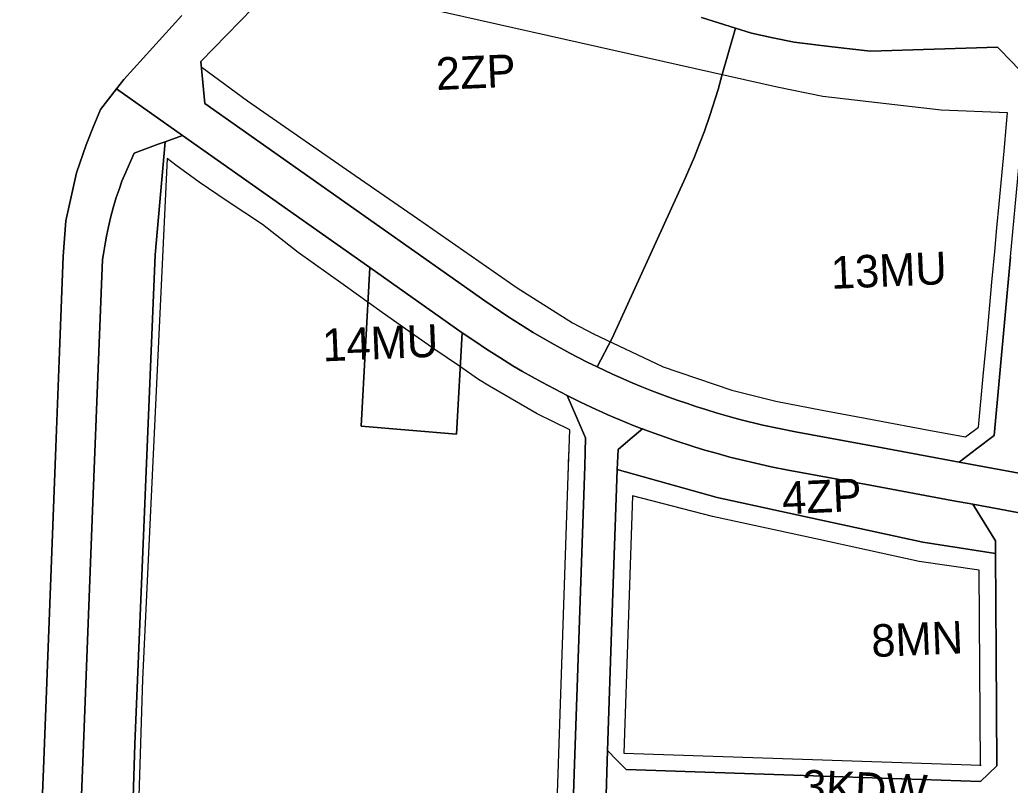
# Model space of a CAD drawing. Extents: x 7418021 to 7419743, y 5540231 to 5541685.
# Drawn here: x 7418764.3 to 7419069.1, y 5540790.3 to 5541025.9 of the extents above; entities that cross this region are included whole.
import ezdxf

# ---------------------------------------------------------------- set-up
doc = ezdxf.new("R2010")
doc.units = 0
for name, color, linetype in [('linie_rozgraniczajace', 7, 'Continuous'), ('linie_zabudowy_nieprzekraczalne', 7, 'Continuous'), ('oznaczenia_przeznaczen', 7, 'Continuous')]:
    doc.layers.add(name, color=color, linetype=linetype)

msp = doc.modelspace()

# ---------------------------------------------------------------- linework, layer by layer
at = {"layer": 'linie_rozgraniczajace'}
for points in [[(7418860.04, 5541054.22), (7418820.04, 5541013.07), (7418821.25, 5541000.14), (7418864.33, 5540969.75), (7418907.41, 5540939.37), (7418914.5, 5540934.56), (7418922.26, 5540929.7), (7418927.85, 5540926.44), (7418933.51, 5540923.34), (7418938.91, 5540920.56), (7418941.93, 5540919.08), (7418944.34, 5540917.95), (7418946.64, 5540916.87), (7418948.38, 5540916.09), (7418952.74, 5540914.19), (7418955.73, 5540912.95), (7418958.77, 5540911.74), (7418963.71, 5540909.89), (7418966.59, 5540908.83), (7418969.44, 5540907.87), (7418972.29, 5540906.9), (7418975.41, 5540905.94), (7418978.54, 5540904.97), (7418982.2, 5540903.95), (7418985.87, 5540902.93), (7418992.99, 5540901.18), (7419002.97, 5540899.12), (7419028.15, 5540894.45), (7419053.34, 5540889.78), (7419082.87, 5540884.31)], [(7418974.12, 5541026.58), (7418984.55, 5541023.35), (7418982.41, 5541015.88), (7418980.26, 5541008.4), (7418979.16, 5541004.46), (7418976.63, 5540996.45), (7418975.02, 5540991.65), (7418973.49, 5540987.7), (7418971.96, 5540983.76), (7418969.17, 5540977.35), (7418957.88, 5540952.64), (7418946.59, 5540927.93), (7418941.93, 5540919.08), (7418938.91, 5540920.56), (7418933.51, 5540923.34), (7418927.85, 5540926.44), (7418922.26, 5540929.7), (7418914.5, 5540934.56), (7418907.41, 5540939.37), (7418864.33, 5540969.75), (7418821.25, 5541000.14), (7418820.04, 5541013.07), (7418860.04, 5541054.22)], [(7418814.14, 5541027.22), (7418796.31, 5541007.56), (7418794.05, 5541004.64), (7418789.12, 5540998.29), (7418786.91, 5540992.85), (7418784.7, 5540987.42), (7418781.71, 5540978.85), (7418780.09, 5540971.46), (7418778.47, 5540964.06), (7418777.62, 5540953.12), (7418776.5, 5540923.73), (7418775.38, 5540894.35), (7418773.52, 5540846.17), (7418771.67, 5540797.99), (7418770.78, 5540775.04), (7418769.55, 5540743.2), (7418769.21, 5540734.31), (7418767.27, 5540685.15), (7418766.02, 5540652.51), (7418764.77, 5540619.88), (7418764.16, 5540602.99)], [(7419079.41, 5540872.75), (7419065.92, 5540875.25), (7419057.59, 5540876.79), (7419051.15, 5540877.98), (7419025.97, 5540882.65), (7419000.79, 5540887.32), (7418995.47, 5540888.36), (7418982.83, 5540891.32), (7418978.99, 5540892.39), (7418975.15, 5540893.45), (7418971.87, 5540894.47), (7418965.59, 5540896.5), (7418956.6, 5540899.72), (7418955.89, 5540899.99), (7418955.49, 5540900.14), (7418952.8, 5540901.2), (7418948.9, 5540902.79), (7418947.24, 5540903.49), (7418945.3, 5540904.33), (7418943.48, 5540905.14), (7418941.65, 5540905.96), (7418936.85, 5540908.2), (7418935.19, 5540909.02), (7418932.73, 5540910.25), (7418924.91, 5540914.37), (7418921.94, 5540915.99), (7418919, 5540917.71), (7418916.05, 5540919.43), (7418912, 5540921.97), (7418907.94, 5540924.51), (7418904.31, 5540926.98), (7418900.47, 5540929.59), (7418872.05, 5540949.63), (7418857.42, 5540959.95), (7418814.33, 5540990.33), (7418794.05, 5541004.64), (7418796.31, 5541007.56), (7418814.14, 5541027.22)], [(7419373.79, 5541027.27), (7419234.54, 5541023), (7419095.29, 5541018.74), (7419084.37, 5541008.48), (7419080.29, 5540964.41), (7419078.72, 5540947.43), (7419073.96, 5540896.09), (7419078.43, 5540890.2), (7419082.87, 5540884.31), (7419053.34, 5540889.78), (7419058.73, 5540893.85), (7419064.09, 5540897.92), (7419069.18, 5540952.92), (7419074.28, 5541007.93), (7419069.74, 5541012.72), (7419065.21, 5541017.52), (7419045.63, 5541016.89), (7419026.05, 5541016.25), (7419014.29, 5541017.62), (7419002.54, 5541018.98), (7418996.01, 5541020.4), (7418989.47, 5541021.83), (7418984.55, 5541023.35), (7418974.12, 5541026.58)], [(7419069.18, 5540952.92), (7419064.09, 5540897.92), (7419058.73, 5540893.85), (7419053.34, 5540889.78), (7419028.15, 5540894.45), (7419002.97, 5540899.12), (7418992.99, 5540901.18), (7418985.87, 5540902.93), (7418982.2, 5540903.95), (7418978.54, 5540904.97), (7418975.41, 5540905.94), (7418972.29, 5540906.9), (7418969.44, 5540907.87), (7418966.59, 5540908.83), (7418963.71, 5540909.89), (7418958.77, 5540911.74), (7418955.73, 5540912.95), (7418952.74, 5540914.19), (7418948.38, 5540916.09), (7418946.64, 5540916.87), (7418944.34, 5540917.95), (7418941.93, 5540919.08), (7418946.59, 5540927.93), (7418957.88, 5540952.64), (7418969.17, 5540977.35), (7418971.96, 5540983.76), (7418973.49, 5540987.7), (7418975.02, 5540991.65), (7418976.63, 5540996.45), (7418979.16, 5541004.46), (7418980.26, 5541008.4), (7418982.41, 5541015.88), (7418984.55, 5541023.35), (7418989.47, 5541021.83), (7418996.01, 5541020.4), (7419002.54, 5541018.98), (7419014.29, 5541017.62), (7419026.05, 5541016.25), (7419045.63, 5541016.89), (7419065.21, 5541017.52), (7419069.74, 5541012.72)], [(7418770.78, 5540775.04), (7418771.67, 5540797.99), (7418773.52, 5540846.17), (7418775.38, 5540894.35), (7418776.5, 5540923.73), (7418777.62, 5540953.12), (7418778.47, 5540964.06), (7418780.09, 5540971.46), (7418781.71, 5540978.85), (7418784.7, 5540987.42), (7418786.91, 5540992.85), (7418789.12, 5540998.29), (7418794.05, 5541004.64)], [(7418794.05, 5541004.64), (7418814.33, 5540990.33), (7418809, 5540988.38), (7418806.91, 5540987.61), (7418799.48, 5540984.89), (7418796.48, 5540978.12), (7418795.72, 5540976.24), (7418794.84, 5540973.71), (7418793.96, 5540971.19), (7418793.08, 5540968.09), (7418792.2, 5540964.99), (7418791.58, 5540962.15), (7418790.96, 5540959.31), (7418790.67, 5540957.53), (7418790.38, 5540955.75), (7418790.05, 5540953.92), (7418789.71, 5540952.09), (7418786.69, 5540874.81), (7418783.66, 5540797.53), (7418781.89, 5540751.62)], [(7418781.89, 5540751.62), (7418783.66, 5540797.53), (7418786.69, 5540874.81), (7418789.71, 5540952.09), (7418790.05, 5540953.92), (7418790.38, 5540955.75), (7418790.67, 5540957.53), (7418790.96, 5540959.31), (7418791.58, 5540962.15), (7418792.2, 5540964.99), (7418793.08, 5540968.09), (7418793.96, 5540971.19), (7418794.84, 5540973.71), (7418795.72, 5540976.24), (7418796.48, 5540978.12), (7418799.48, 5540984.89), (7418806.91, 5540987.61), (7418809, 5540988.38), (7418806.01, 5540953.6), (7418799.68, 5540802.96), (7418797.25, 5540723.86)], [(7418797.25, 5540723.86), (7418799.68, 5540802.96), (7418806.01, 5540953.6), (7418809, 5540988.38), (7418814.33, 5540990.33), (7418857.42, 5540959.95), (7418872.05, 5540949.63), (7418870.68, 5540925.22), (7418869.32, 5540900.81), (7418884.02, 5540899.61), (7418898.73, 5540898.4), (7418900.47, 5540929.59), (7418904.31, 5540926.98), (7418907.94, 5540924.51), (7418912, 5540921.97), (7418916.05, 5540919.43), (7418919, 5540917.71), (7418921.94, 5540915.99), (7418924.91, 5540914.37), (7418932.73, 5540910.25), (7418938.4, 5540897.24), (7418938.26, 5540892.88), (7418938.13, 5540888.51), (7418936.53, 5540841.15), (7418934.93, 5540793.8), (7418933.44, 5540749.87)], [(7418933.44, 5540749.87), (7418934.93, 5540793.8), (7418936.53, 5540841.15), (7418938.13, 5540888.51), (7418938.26, 5540892.88), (7418938.4, 5540897.24), (7418932.73, 5540910.25), (7418935.19, 5540909.02), (7418936.85, 5540908.2), (7418941.65, 5540905.96), (7418943.48, 5540905.14), (7418945.3, 5540904.33), (7418947.24, 5540903.49), (7418948.9, 5540902.79), (7418952.8, 5540901.2), (7418955.49, 5540900.14), (7418955.89, 5540899.99), (7418952.14, 5540896.84), (7418948.39, 5540893.7), (7418948.1, 5540887.48), (7418946.52, 5540840.65), (7418945.18, 5540800.98), (7418944.6, 5540783.96)], [(7418944.6, 5540783.96), (7418945.18, 5540800.98), (7418948.04, 5540798.07), (7418950.91, 5540795.16), (7419005.44, 5540793.33), (7419059.97, 5540791.51), (7419064.94, 5540796.34), (7419064.72, 5540830.92), (7419064.52, 5540861.7), (7419064.5, 5540865.5), (7419061.04, 5540871.15), (7419057.59, 5540876.79)], [(7419057.59, 5540876.79), (7419065.92, 5540875.25), (7419079.41, 5540872.75)]]:
    msp.add_lwpolyline(points, dxfattribs=at)
for points in [[(7418872.05, 5540949.63), (7418900.47, 5540929.59), (7418898.73, 5540898.4), (7418884.02, 5540899.61), (7418869.32, 5540900.81), (7418870.68, 5540925.22)], [(7418955.89, 5540899.99), (7418956.6, 5540899.72), (7418965.59, 5540896.5), (7418971.87, 5540894.47), (7418975.15, 5540893.45), (7418978.99, 5540892.39), (7418982.83, 5540891.32), (7418995.47, 5540888.36), (7419000.79, 5540887.32), (7419025.97, 5540882.65), (7419051.15, 5540877.98), (7419057.59, 5540876.79), (7419061.04, 5540871.15), (7419064.5, 5540865.5), (7419064.52, 5540861.7), (7419053.33, 5540863.4), (7419042.14, 5540865.11), (7419010.52, 5540872.01), (7418978.9, 5540878.91), (7418963.5, 5540883.19), (7418948.1, 5540887.48), (7418948.39, 5540893.7), (7418952.14, 5540896.84)], [(7418948.1, 5540887.48), (7418963.5, 5540883.19), (7418978.9, 5540878.91), (7419010.52, 5540872.01), (7419042.14, 5540865.11), (7419053.33, 5540863.4), (7419064.52, 5540861.7), (7419064.72, 5540830.92), (7419064.94, 5540796.34), (7419059.97, 5540791.51), (7419005.44, 5540793.33), (7418950.91, 5540795.16), (7418948.04, 5540798.07), (7418945.18, 5540800.98), (7418946.52, 5540840.65)]]:
    msp.add_lwpolyline(points, close=True, dxfattribs=at)
at = {"layer": 'linie_zabudowy_nieprzekraczalne'}
for points in [[(7418997.35, 5541005.22), (7418845.61, 5541039.37)], [(7418820.44, 5541011.26), (7418834.38, 5541001)], [(7419011.42, 5541002.33), (7418997.35, 5541005.22)], [(7418834.38, 5541001), (7418866.17, 5540978.96)], [(7419028.22, 5541000.34), (7419011.42, 5541002.33)], [(7419047.86, 5540998.1), (7419028.22, 5541000.34)], [(7419068.28, 5540997.32), (7419047.86, 5540998.1)], [(7419067.96, 5540993.92), (7419068.28, 5540997.32)], [(7419067.18, 5540985.43), (7419067.96, 5540993.92)], [(7419065.68, 5540969.29), (7419067.18, 5540985.43)], [(7418809.63, 5540983.24), (7418802.06, 5540822.84)], [(7418812.28, 5540981.19), (7418809.63, 5540983.24)], [(7418819.55, 5540975.91), (7418812.28, 5540981.19)], [(7418866.17, 5540978.96), (7418886.66, 5540964.75)], [(7418828.07, 5540970.1), (7418819.55, 5540975.91)], [(7418839.04, 5540962.86), (7418828.07, 5540970.1)], [(7419065, 5540961.91), (7419065.68, 5540969.29)], [(7418886.66, 5540964.75), (7418917.39, 5540943.44)], [(7418849.98, 5540954.28), (7418839.04, 5540962.86)], [(7419064.33, 5540954.65), (7419065, 5540961.91)], [(7418863.83, 5540944.4), (7418849.98, 5540954.28)], [(7419063.45, 5540945.16), (7419064.33, 5540954.65)], [(7418875.86, 5540935.86), (7418863.83, 5540944.4)], [(7418917.39, 5540943.44), (7418934.42, 5540932.65)], [(7419062.14, 5540931.02), (7419063.45, 5540945.16)], [(7418884.87, 5540929.45), (7418875.86, 5540935.86)], [(7418934.42, 5540932.65), (7418940.81, 5540929.31)], [(7419061.55, 5540924.68), (7419062.14, 5540931.02)], [(7418892.04, 5540924.48), (7418884.87, 5540929.45)], [(7418940.6, 5540929.42), (7418940.81, 5540929.31)], [(7418940.81, 5540929.31), (7418962.03, 5540919.21)], [(7418899.58, 5540919.26), (7418892.04, 5540924.48)], [(7419060.77, 5540916.23), (7419061.55, 5540924.68)], [(7418905.43, 5540915.24), (7418899.58, 5540919.26)], [(7418961.98, 5540919.23), (7418983.4, 5540911.92)], [(7418908.85, 5540913.18), (7418905.43, 5540915.24)], [(7419059.32, 5540900.58), (7419060.77, 5540916.23)], [(7418923.49, 5540904.65), (7418908.85, 5540913.18)], [(7418983.4, 5540911.92), (7418996.95, 5540908.51)], [(7418996.95, 5540908.51), (7419011.22, 5540905.73)], [(7418933.54, 5540899.71), (7418923.49, 5540904.65)], [(7419011.22, 5540905.73), (7419026.08, 5540902.97)], [(7419026.08, 5540902.97), (7419045.67, 5540899.34)], [(7419055.32, 5540897.55), (7419059.32, 5540900.58)], [(7418932.93, 5540882.66), (7418933.54, 5540899.71)], [(7419045.67, 5540899.34), (7419055.32, 5540897.55)], [(7418933.14, 5540888.68), (7418933.27, 5540892.7)], [(7418929.93, 5540793.97), (7418933.14, 5540888.68)], [(7418952.83, 5540879.37), (7418950.15, 5540800.19)], [(7418977.46, 5540873.08), (7418952.83, 5540879.37)], [(7419009.26, 5540866.14), (7418977.46, 5540873.08)], [(7419041.05, 5540859.21), (7419009.26, 5540866.14)], [(7419059.56, 5540856.48), (7419041.05, 5540859.21)], [(7419059.94, 5540796.31), (7419059.56, 5540856.48)], [(7418802.06, 5540822.84), (7418795.06, 5540600.62)], [(7418950.15, 5540800.19), (7419060.14, 5540796.51)], [(7418926.96, 5540706.11), (7418929.93, 5540793.97)]]:
    msp.add_lwpolyline(points, dxfattribs=at)

# ---------------------------------------------------------------- texts
at = {"layer": 'oznaczenia_przeznaczen'}
for s, rotation, p in [('2ZP', 2.5711, (7418892.59, 5541004.28)), ('13MU', 2.4191, (7419014.09, 5540943.08)), ('14MU', 2.396, (7418857.6, 5540920.76)), ('4ZP', 2.5711, (7418999.07, 5540873.7)), ('8MN', 2.4191, (7419026.53, 5540829.76)), ('3KDW', 357.5522, (7419004.76, 5540785.15))]:
    msp.add_text(s, height=10, rotation=rotation, dxfattribs=at).set_placement(p)

doc.saveas('drawing.dxf')

Description of the task
Return all lines of the material above in which the word "dxfattribs" occurs.

Response for this exercise
    msp.add_lwpolyline(points, dxfattribs=at)
    msp.add_lwpolyline(points, close=True, dxfattribs=at)
    msp.add_lwpolyline(points, dxfattribs=at)
    msp.add_text(s, height=10, rotation=rotation, dxfattribs=at).set_placement(p)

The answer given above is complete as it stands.